- What to work on -
Go through the data below. Pull out every line that has the word "surface".

- Data to process -
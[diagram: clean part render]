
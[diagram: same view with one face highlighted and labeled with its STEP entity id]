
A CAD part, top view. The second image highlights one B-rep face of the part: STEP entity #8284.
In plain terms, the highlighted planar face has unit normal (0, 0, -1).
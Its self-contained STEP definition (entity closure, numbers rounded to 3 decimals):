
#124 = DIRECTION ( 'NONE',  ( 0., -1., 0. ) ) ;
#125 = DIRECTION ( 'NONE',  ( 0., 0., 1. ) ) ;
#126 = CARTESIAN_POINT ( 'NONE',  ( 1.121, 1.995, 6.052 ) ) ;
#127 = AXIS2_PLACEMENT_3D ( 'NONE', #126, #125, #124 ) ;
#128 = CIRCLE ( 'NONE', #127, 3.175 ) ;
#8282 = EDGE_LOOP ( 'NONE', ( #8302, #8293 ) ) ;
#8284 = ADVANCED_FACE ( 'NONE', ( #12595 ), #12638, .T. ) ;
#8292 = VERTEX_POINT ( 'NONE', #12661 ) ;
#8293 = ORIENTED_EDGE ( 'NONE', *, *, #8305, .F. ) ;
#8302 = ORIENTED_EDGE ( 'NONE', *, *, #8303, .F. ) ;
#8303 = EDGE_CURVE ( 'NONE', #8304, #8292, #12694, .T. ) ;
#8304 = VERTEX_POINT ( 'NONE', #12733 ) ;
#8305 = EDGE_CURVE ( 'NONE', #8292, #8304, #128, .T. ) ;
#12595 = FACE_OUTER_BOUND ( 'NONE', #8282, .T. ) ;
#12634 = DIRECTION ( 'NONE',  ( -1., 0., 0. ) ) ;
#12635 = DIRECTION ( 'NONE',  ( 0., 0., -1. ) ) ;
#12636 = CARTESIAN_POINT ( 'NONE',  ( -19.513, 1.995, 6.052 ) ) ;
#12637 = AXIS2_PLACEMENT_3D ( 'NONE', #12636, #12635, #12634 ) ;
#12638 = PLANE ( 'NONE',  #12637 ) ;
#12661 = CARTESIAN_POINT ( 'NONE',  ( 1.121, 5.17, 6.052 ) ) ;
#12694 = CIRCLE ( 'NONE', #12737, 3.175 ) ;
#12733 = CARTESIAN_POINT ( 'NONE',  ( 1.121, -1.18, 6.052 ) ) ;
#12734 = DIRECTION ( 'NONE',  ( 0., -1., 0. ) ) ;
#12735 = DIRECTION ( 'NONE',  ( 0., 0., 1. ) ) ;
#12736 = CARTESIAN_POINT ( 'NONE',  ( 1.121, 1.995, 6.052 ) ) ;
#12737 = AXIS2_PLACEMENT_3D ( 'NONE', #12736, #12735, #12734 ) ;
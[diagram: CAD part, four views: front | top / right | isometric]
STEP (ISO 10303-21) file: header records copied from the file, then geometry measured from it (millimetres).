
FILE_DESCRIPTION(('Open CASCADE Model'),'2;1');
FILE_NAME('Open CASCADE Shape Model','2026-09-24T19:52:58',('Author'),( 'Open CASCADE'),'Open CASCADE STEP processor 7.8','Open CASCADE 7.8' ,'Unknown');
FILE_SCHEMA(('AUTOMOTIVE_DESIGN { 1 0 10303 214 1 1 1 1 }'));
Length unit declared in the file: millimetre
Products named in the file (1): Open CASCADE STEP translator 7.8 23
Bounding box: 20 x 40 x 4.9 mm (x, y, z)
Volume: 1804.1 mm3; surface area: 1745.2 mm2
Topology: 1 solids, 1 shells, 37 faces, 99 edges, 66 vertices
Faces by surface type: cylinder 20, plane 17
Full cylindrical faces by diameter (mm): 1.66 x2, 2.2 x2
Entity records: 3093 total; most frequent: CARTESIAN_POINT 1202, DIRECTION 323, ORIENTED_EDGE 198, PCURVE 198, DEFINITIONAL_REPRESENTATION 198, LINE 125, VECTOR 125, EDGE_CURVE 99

- Response to this task -
Volume: 1804.1 mm3; surface area: 1745.2 mm2
Faces by surface type: cylinder 20, plane 17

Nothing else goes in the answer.